**ASSIGNMENT**
If a line in the entries includes "detail", show that line.

**INPUT RECORDS**
===============
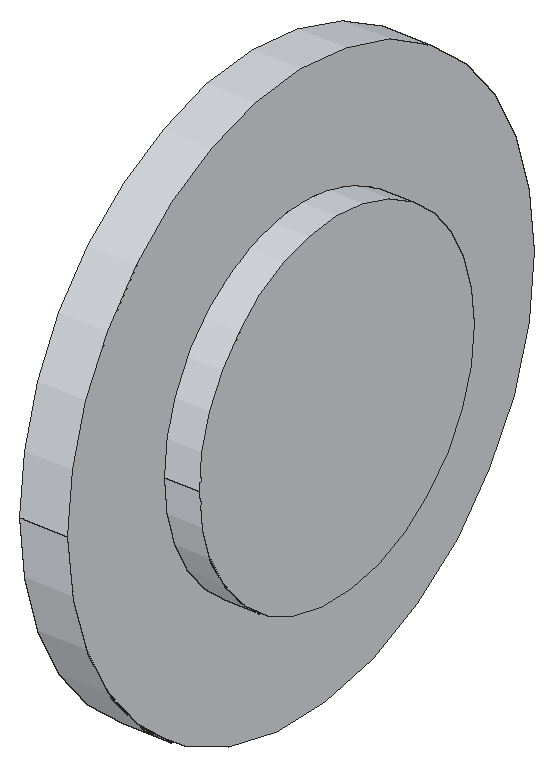
Revit family "1b47ad9977814793be07e5290a9a5410", category Pipe Fittings, Revit 2021
Family settings
  Round Connector Dimension = Use Radius
  Part Type = Flange
  OmniClass Number = 23.60.30.11.14
  OmniClass Title = Pipework Fittings
  Seek Item ID = Flange - Threaded - GI - Class 25-0000-USA-ENU
  Work Plane-Based = No
  Always vertical = Yes
  Cut with Voids When Loaded = No
  Shared = No
Parameters (values of type "Standard")
  Tick Size [instance] = Flange Diameter * 0.4  # 3.6063"
  Nominal Radius [instance] = 2"
  Nominal Diameter [instance] = Nominal Radius * 2  # 4"
  Loss Method = Not Defined
  Lookup Table Name = "Flange - Threaded - GI - Class 25"
  Length [instance] = size_lookup(Lookup Table Name, "Lgt", 0.1 * Nominal Diameter + 61/64", Nominal Diameter)  # 1.29921"
  Hub Radius [instance] = Hub Diameter / 2  # 2.65748"
  Hub Diameter [instance] = size_lookup(Lookup Table Name, "HDia", 0.93 * Nominal Diameter + 2 13/32", Nominal Diameter)  # 5.31496"
  Flange Thickness [instance] = size_lookup(Lookup Table Name, "FThk", 0.03 * Nominal Diameter + 169/256", Nominal Diameter)  # 0.74803"
  Flange Radius [instance] = Flange Diameter / 2  # 4.50787"
  Flange Diameter [instance] = size_lookup(Lookup Table Name, "FDia", 1.16 * Nominal Diameter + 4 11/16", Nominal Diameter)  # 9.01575"
  Default Elevation = 0' - 0"
Reference planes (in)
  plane 1 "Center (Front/Back)": y = 0
  plane 2: z = 0
  plane 3 "Center (Left/Right)": x = 0
  plane 4: y = 3.6063
  plane 5: y = -3.6063
  plane 6: x = 0.74803
  plane 7: x = 1.29921
Forms (in)
  Sweep 1, solid, detail levels fine
    path in 3D
      loop
        line (0, 0, 0) -> (0.74803, 0, 0)
    profile origin (0.37402, 0, 0) x (0, 1, 0) y (0, 0, 1)
      loop
        circle (0, 0) r 4.50787
  Sweep 2, solid, detail levels fine
    path in 3D
      loop
        line (0.74803, 0, 0) -> (1.29921, 0, 0)
    profile origin (1.02362, 0, 0) x (0, 1, 0) y (0, 0, 1)
      loop
        circle (0, 0) r 2.65748
Cuts and joins
  joined: Sweep 1, Sweep 2
Lines and regions (in)
  model lines, detail levels coarse+medium
    curve 1: line (0, 0, 0) -> (0.74803, 0, 0)
    curve 2: line (0.74803, 0, 0) -> (1.29921, 0, 0)
    curve 5: line (0.74803, 3.6063, 0) -> (0.74803, -3.6063, 0)
  sketch lines
    curve 3: line (0, 0, 0) -> (0.74803, 0, 0)
    curve 4: line (0.74803, 0, 0) -> (1.29921, 0, 0)
Dimensions and locks (in)
  equal spacing: plane 4, plane 1 "Center (Front/Back)", plane 5
  "Tick Size": plane 4 to plane 1 "Center (Front/Back)"
  "Flange Thickness": plane 3 "Center (Left/Right)" to plane 6
  "Length": plane 3 "Center (Left/Right)" to plane 7
  "Flange Radius": radius of Sweep 1 sketch curve
  "Hub Radius": radius of Sweep 2 sketch curve
  aligned and locked: plane 3 "Center (Left/Right)" to curve 1
  aligned and locked: plane 6 to curve 1
  aligned and locked: plane 1 "Center (Front/Back)" to curve 1
  aligned and locked: plane 1 "Center (Front/Back)" to curve 2
  aligned and locked: plane 7 to curve 2
  aligned and locked: plane 4 to curve 5
  aligned and locked: plane 5 to curve 5
  aligned and locked: curve 5 to plane 6
Automatic sketch dimensions
  Sweep 1 sketch curve to profile plane = 0' - 0"  (x2)
  Sweep 2 sketch curve to profile plane = 0' - 0"  (x2)
Connectors (in)
  piping at (0, 0, 0), diameter 4, driven by "Nominal Radius"
    settings: on cut or joined group of Sweep 1, Sweep 2, index 1, connector inside diameter 4", connector length 0' - 0", flow factor 0, pipe flow 0 GPM, pressure drop 0.00 psi, fitting loss kfactor 0, connector angle 0.00°, fixture units 0, engagement length 0' - 0", angle of deflection 0.00°, flow configuration 0, flow direction 0, fitting loss method 0, system type 28, joint type 0, gender type 0, connector reference index 2, connector utility 0, adjustable connector no, is connector primary yes, connector description ""
  piping at (1.29921, 0, 0), diameter 4, driven by "Nominal Radius"
    settings: on cut or joined group of Sweep 1, Sweep 2, index 2, connector inside diameter 4", connector length 0' - 0", flow factor 0, pipe flow 0 GPM, pressure drop 0.00 psi, fitting loss kfactor 0, connector angle 0.00°, fixture units 0, engagement length 0' - 0", angle of deflection 0.00°, flow configuration 0, flow direction 0, fitting loss method 0, system type 28, joint type 0, gender type 0, connector reference index 1, connector utility 0, adjustable connector no, is connector primary no, connector description ""
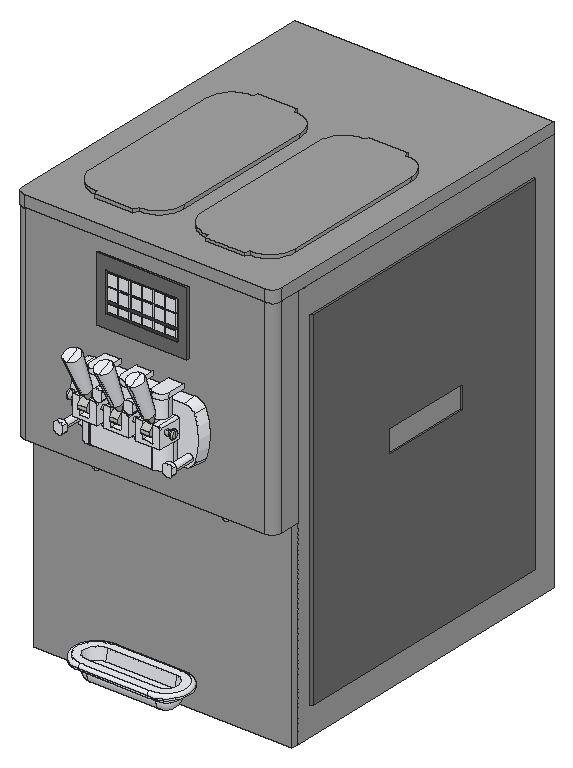
Revit family "QF_ELECTROLUXPROFESSIONAL_560075_POR214DPA3PHCM", category Specialty Equipment, Revit 2018
Family settings
  Round Connector Dimension = Use Diameter
  Part Type = Normal
  Work Plane-Based = No
  Always vertical = Yes
  Cut with Voids When Loaded = No
  Shared = No
  Room Calculation Point = No
Parameters
  Watts = 0 W
  HP = ""
  Direct Waste Size = 0 mm
Reference planes
  plane 1 "Center (Front/Back)": y = 0
  plane 2: z = 0
  plane 3 "Center (Left/Right)": x = 0
  plane 4 "BASE": z = 39
  plane 5 "TOP": z = 938
  plane 6 "FRONT": y = -417
  plane 7 "BACK": y = 483
  plane 8 "LEFT": x = -286
  plane 9 "RIGHT": x = 286
  plane 10 "PLANE": z = 125
  plane 11: z = 538
  plane 12: y = 324
  plane 13: y = -110
  plane 14: x = -173
  plane 15: x = 173
  plane 16: y = 462
  plane 17: y = 442
  plane 18 "Panel": y = -227
  plane 19 "CenterX": y = -330.377
  plane 20 "CenterYRight": x = 68
  plane 21 "DispenserX": z = 639.903
  plane 22 "HoleY": y = -352.094
  plane 23: y = -376
  plane 24: z = 744
  plane 25 "CenterYLeft": x = -68
Forms (mm)
  Extrusion 1, solid, material "QF_Finishes_Rubber Black"
    sketch origin (-26, 37, 0) x (1, 0, 0) y (0, 1, 0)
      loop
        circle (-147, 287) r 20
    from 30 to 0
  Extrusion 2, solid, material "QF_Finishes_Rubber Black"
    sketch origin (-26, 0, 0) x (1, 0, 0) y (0, 1, 0)
      loop
        circle (-147, -111) r 20
    from 30 to 0
  Extrusion 3, solid, material "QF_Finishes_Rubber Black"
    sketch origin (30.903, 37, 0) x (1, 0, 0) y (0, 1, 0)
      loop
        circle (142.097, 287) r 20
    from 30 to 0
  Extrusion 4, solid, material "QF_Finishes_Rubber Black"
    sketch origin (30.903, 0, 0) x (1, 0, 0) y (0, 1, 0)
      loop
        circle (142.097, -111) r 20
    from 30 to 0
  Extrusion 5, solid, material "QF_Finishes_Rubber Black"
    sketch origin (53.5, 0, 0) x (1, 0, 0) y (0, 1, 0)
      loop
        line (225.5, 410) -> (225.5, -198.201) -> (232.5, -191.201) -> (232.5, 403) -> (225.5, 410)
    from 94.387 to 848
  Extrusion 6, solid, material "QF_Finishes_Gray"
    sketch origin (0, 0, 0) x (1, 0, 0) y (0, 1, 0)
      loop
        line (-277.5, 462) -> (-277.5, -227) -> (279, -227) -> (279, 462) -> (-277.5, 462)
    from 906 to 30
  Extrusion 7, solid, material "QF_Finishes_Gray"
    sketch origin (120, 0, 0) x (1, 0, 0) y (0, 1, 0)
      loop
        line (-100, 152.026) -> (-100, -159.18)
        arc (-100, -159.18) -> (-83.917, -198.045) -> (-45.075, -214.18) r 55
        line (-45.075, -214.18) -> (-41.655, -223.577) -> (41.655, -223.577) -> (45.075, -214.18)
        arc (45.075, -214.18) -> (83.917, -198.045) -> (100, -159.18) r 55
        line (100, -159.18) -> (100, 152.026)
        arc (100, 152.026) -> (83.917, 190.89) -> (45.075, 207.026) r 55
        line (45.075, 207.026) -> (41.655, 216.423) -> (-41.655, 216.423) -> (-45.075, 207.026)
        arc (-45.075, 207.026) -> (-83.917, 190.89) -> (-100, 152.026) r 55
    from 938 to 931
  Extrusion 8, solid, material "QF_Finishes_Gray"
    sketch origin (0, 0, 0) x (1, 0, 0) y (0, 1, 0)
      loop
        line (-279, 462) -> (-279, -270.442)
        arc (-279, -270.442) -> (-273.142, -284.584) -> (-259, -290.442) r 20
        line (-259, -290.442) -> (259, -290.442)
        arc (259, -290.442) -> (273.142, -284.584) -> (279, -270.442) r 20
        line (279, -270.442) -> (279, 462) -> (-279, 462)
    from 931 to 906
  Extrusion 9, solid, material "QF_Finishes_Gray"
    sketch origin (0, 0, 0) x (1, 0, 0) y (0, 1, 0)
      loop
        arc (-277.5, -270.442) -> (-271.642, -284.584) -> (-257.5, -290.442) r 20
        line (-257.5, -290.442) -> (259, -290.442)
        arc (259, -290.442) -> (273.142, -284.584) -> (279, -270.442) r 20
        line (279, -270.442) -> (279, -227) -> (-277.5, -227) -> (-277.5, -270.442)
    from 458.874 to 906
  Extrusion 10, solid, material "QF_Finishes_Gray"
    sketch origin (0, 0, 0) x (1, 0, 0) y (0, 1, 0)
      loop
        line (-277.5, -227) -> (-277.5, -242) -> (279, -242) -> (279, -227) -> (-277.5, -227)
    from 30 to 458.874
  Extrusion 11, solid, material "QF_Finishes_Rubber Black"
    sketch origin (0, -417, 137) x (-1, 0, 0) y (0, 0, 1)
      loop
        line (-95, 742) -> (-95, 602) -> (100, 602) -> (100, 742) -> (-95, 742)
      loop
        line (80, 715) -> (-75, 715) -> (-75, 629) -> (80, 629) -> (80, 715)
    from 131.011 to 121
  Extrusion 12, solid, material "QF_Plastic-Black-Matte"
    sketch origin (0, -417, 137) x (-1, 0, 0) y (0, 0, 1)
      loop
        line (80, 715) -> (-75, 715) -> (-75, 629) -> (80, 629) -> (80, 715)
    from 131.011 to 123
  Blend 13, solid, material "QF_Finishes_White"
    base sketch origin (0, -417, 136.997) x (-1, 0, 0) y (0, 0, 1)
      loop
        arc (-108.068, 534.877) -> (-121.761, 530.793) -> (-130.981, 519.877) r 25
        arc (-130.981, 519.877) -> (-141.26, 470.627) -> (-130.981, 421.378) r 123.124
        arc (-130.981, 421.378) -> (-121.761, 410.462) -> (-108.068, 406.378) r 25
        line (-108.068, 406.378) -> (108.068, 406.378)
        arc (108.068, 406.378) -> (121.761, 410.462) -> (130.981, 421.378) r 25
        arc (130.981, 421.378) -> (141.26, 470.627) -> (130.981, 519.877) r 123.124
        arc (130.981, 519.877) -> (121.761, 530.793) -> (108.068, 534.877) r 25
        line (108.068, 534.877) -> (-108.068, 534.877)
    top sketch origin (0, -417, 136.997) x (-1, 0, 0) y (0, 0, 1)
      loop
        arc (-128.231, 518.677) -> (-138.26, 470.627) -> (-128.231, 422.578) r 120.124
        arc (-128.231, 422.578) -> (-120.118, 412.972) -> (-108.068, 409.378) r 22
        line (-108.068, 409.378) -> (108.068, 409.378)
        arc (108.068, 409.378) -> (120.118, 412.972) -> (128.231, 422.578) r 22
        arc (128.231, 422.578) -> (138.26, 470.627) -> (128.231, 518.677) r 120.124
        arc (128.231, 518.677) -> (120.118, 528.283) -> (108.068, 531.877) r 22
        line (108.068, 531.877) -> (-108.068, 531.877)
        arc (-108.068, 531.877) -> (-120.118, 528.283) -> (-128.231, 518.677) r 22
    from 126.558 to 100
  Sweep 14, solid, material "QF_Finishes_White"
    path origin (-49.912, 1.098, 0) x (1, 0, 0) y (0, 1, 0)
      loop
        arc (124.288, -377.098) -> (174.152, -327.234) -> (124.288, -277.37) r 49.864
        line (124.288, -277.37) -> (-24.465, -277.37)
        arc (-24.465, -277.37) -> (-74.329, -327.234) -> (-24.465, -377.098) r 49.864
        line (-24.465, -377.098) -> (124.288, -377.098)
    profile origin (0, -376, 0) x (0, -1, 0) y (0, 0, 1)
      loop
        arc (-44.804, 75.948) -> (-28.996, 82.496) -> (-22.447, 98.305) r 22.357
        line (-22.447, 98.305) -> (-20.953, 115.387) -> (0, 115.387) -> (0, 118.387)
        arc (0, 118.387) -> (-1.937, 123.063) -> (-6.613, 125) r 6.613
        line (-6.613, 125) -> (-23.219, 125) -> (-25.397, 100.095) -> (-44.804, 100.095) -> (-44.804, 75.948)
  Revolve 15, solid, material "QF_Finishes_White"
    sketch origin (19.411, -330.377, 136.997) x (-1, 0, 0) y (0, 0, 1)
      loop
        line (-22, 458.985) -> (-45.961, 458.985) -> (-45.961, 502.906) -> (-32, 502.906) -> (-32, 540.7) -> (-48.589, 540.7) -> (-48.589, 399)
        arc (-48.589, 399) -> (-35.782, 401.599) -> (-25, 408.985) r 32.856
        line (-25, 408.985) -> (-22, 408.985) -> (-22, 458.985)
      axis (-48.589, 399) -> (-48.589, 540.7)
    angle from 0 to 360
  Extrusion 16, solid, material "QF_Finishes_White"
    sketch origin (19.411, -417, 136.997) x (-1, 0, 0) y (0, 0, 1)
      loop
        line (-75.178, 458.985) -> (-22, 458.985) -> (-22, 497.906)
        arc (-22, 497.906) -> (-23.465, 501.442) -> (-27, 502.906) r 5
        line (-27, 502.906) -> (-37.291, 502.906) -> (-37.291, 466.693) -> (-59.888, 466.693) -> (-59.888, 502.906) -> (-70.178, 502.906)
        arc (-70.178, 502.906) -> (-73.714, 501.442) -> (-75.178, 497.906) r 5
        line (-75.178, 497.906) -> (-75.178, 458.985)
      loop
        line (-7.178, 458.985) -> (46, 458.985) -> (46, 497.906)
        arc (46, 497.906) -> (44.535, 501.442) -> (41, 502.906) r 5
        line (41, 502.906) -> (30.709, 502.906) -> (30.709, 466.693) -> (8.112, 466.693) -> (8.112, 502.906) -> (-2.178, 502.906)
        arc (-2.178, 502.906) -> (-5.714, 501.442) -> (-7.178, 497.906) r 5
        line (-7.178, 497.906) -> (-7.178, 458.985)
      loop
        line (60.822, 458.985) -> (114, 458.985) -> (114, 497.906)
        arc (114, 497.906) -> (112.535, 501.442) -> (109, 502.906) r 5
        line (109, 502.906) -> (98.709, 502.906) -> (98.709, 466.693) -> (76.112, 466.693) -> (76.112, 502.906) -> (65.822, 502.906)
        arc (65.822, 502.906) -> (62.286, 501.442) -> (60.822, 497.906) r 5
        line (60.822, 497.906) -> (60.822, 458.985)
    from 50 to 100
  Extrusion 17, solid, material "QF_Finishes_Stainless Steel"
    sketch origin (68, 0, 136.997) x (0, -1, 0) y (0, 0, 1)
      loop
        line (373.914, 482.086) -> (373.914, 490.013)
        arc (373.914, 490.013) -> (366.814, 497.612) -> (357.048, 501.185) r 22.391
        line (357.048, 501.185) -> (325.071, 496.12)
        arc (325.071, 496.12) -> (320.535, 488.808) -> (325.071, 481.495) r 8.163
        line (325.071, 481.495) -> (357.048, 476.43) -> (361.14, 476.43)
        arc (361.14, 476.43) -> (368.005, 478.177) -> (373.914, 482.086) r 21.226
    from -9 to 9
  Revolve 18, solid, material "QF_Finishes_Stainless Steel"
    sketch origin (68, -62.317, 96.738) x (0, -0.992546, 0.121869) y (0, 0.121869, 0.992546)
      loop
        line (359.559, 501.454) -> (369.701, 518.772) -> (359.942, 525.028) -> (355.825, 503.848) -> (359.559, 501.454)
      axis (359.559, 501.454) -> (369.937, 519.174)
    angle from 0 to 360
  Revolve 19, solid, material "QF_Finishes_White"
    sketch origin (68, -61.765, 96.738) x (0, -0.992546, 0.121869) y (0, 0.121869, 0.992546)
      loop
        line (360.214, 525.122) -> (370.502, 518.527) -> (414.51, 593.671) -> (399.928, 603.018) -> (360.214, 525.122)
      axis (370.502, 518.527) -> (414.862, 594.271)
    angle from 0 to 360
  Extrusion 20, solid, material "QF_Finishes_White"
    sketch origin (3, -417, 115.997) x (-1, 0, 0) y (0, 0, 1)
      loop
        circle (-114.635, 451.539) r 7.506
    from 50 to 100
  Extrusion 21, solid, material "QF_Finishes_White"
    sketch origin (3, -417, 116.997) x (-1, 0, 0) y (0, 0, 1)
      loop
        arc (-104.635, 459.044) -> (-114.635, 464.044) -> (-124.635, 459.044) r 12.5
        line (-124.635, 459.044) -> (-124.635, 444.044)
        arc (-124.635, 444.044) -> (-114.635, 439.044) -> (-104.635, 444.044) r 12.5
        line (-104.635, 444.044) -> (-104.635, 459.044)
    from 41 to 50
  Extrusion 22, solid, material "QF_Finishes_White"
    sketch origin (81.157, -417, 210.997) x (1, 0, 0) y (0, 0, -1)
      loop
        circle (-114.635, -451.539) r 7.506
    from 50 to 100
  Extrusion 23, solid, material "QF_Finishes_White"
    sketch origin (81.157, -417, 209.702) x (1, 0, 0) y (0, 0, -1)
      loop
        line (-104.635, -459.044) -> (-104.635, -444.044)
        arc (-104.635, -444.044) -> (-114.635, -439.044) -> (-124.635, -444.044) r 12.5
        line (-124.635, -444.044) -> (-124.635, -459.044)
        arc (-124.635, -459.044) -> (-114.635, -464.044) -> (-104.635, -459.044) r 12.5
    from 41 to 50
  Extrusion 24, solid, material "QF_Finishes_White"
    sketch origin (19.411, 0.327, 639.903) x (-1, 0, 0) y (0, -1, 0)
      loop
        arc (-32, 330.71) -> (-48.589, 347.299) -> (-65.178, 330.71) r 16.589
        line (-65.178, 330.71) -> (-65.178, 290.768) -> (-32, 290.768) -> (-32, 330.71)
    from 37.793 to 47.43
  Extrusion 25, solid, material "QF_Finishes_White"
    sketch origin (0, 1.098, 125) x (0, 1, 0) y (-1, 0, 0)
      loop
        line (-332.294, 74.376) -> (-332.294, -74.376)
        arc (-332.294, -74.376) -> (-327.234, -79.436) -> (-322.174, -74.376) r 5.06
        line (-322.174, -74.376) -> (-322.174, 74.376)
        arc (-322.174, 74.376) -> (-327.234, 79.436) -> (-332.294, 74.376) r 5.06
    from -48.53 to -24.905
  Extrusion 26, solid, material "QF_Finishes_Stainless Steel"
    sketch origin (0, 0, 0) x (0, 1, 0) y (0, 0, 1)
      loop
        line (-277.271, 115.387) -> (-280.273, 115.387) -> (-280.273, 94.387) -> (-245, 94.387) -> (-245, 62.387) -> (-242, 62.387) -> (-242, 97.387) -> (-277.271, 97.387) -> (-277.271, 115.387)
    from -56 to 56
  Extrusion 27, void
    sketch origin (68, 7, 136.997) x (0, -1, 0) y (0, 0, 1)
      loop
        circle (359.094, 488.808) r 5
    from -31.589 to 167.589
  Revolve 28, solid, material "QF_Finishes_Stainless Steel"
    sketch origin (0, -352.094, 136.997) x (0, 0, 1) y (1, 0, 0)
      loop
        line (488.808, 114.444) -> (488.808, -114.444) -> (495.124, -114.444) -> (497.46, -112.107) -> (497.46, -109.278) -> (493.808, -104.062) -> (493.808, 104.062) -> (497.46, 109.278) -> (497.46, 112.107) -> (495.124, 114.444) -> (488.808, 114.444)
      axis (488.808, -114.444) -> (488.808, 114.444)
    angle from 0 to 360
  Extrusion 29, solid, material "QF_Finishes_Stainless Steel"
===============
**EXERCISE SOLUTION**
  Sweep 1, solid, detail levels fine
  Sweep 2, solid, detail levels fine
  model lines, detail levels coarse+medium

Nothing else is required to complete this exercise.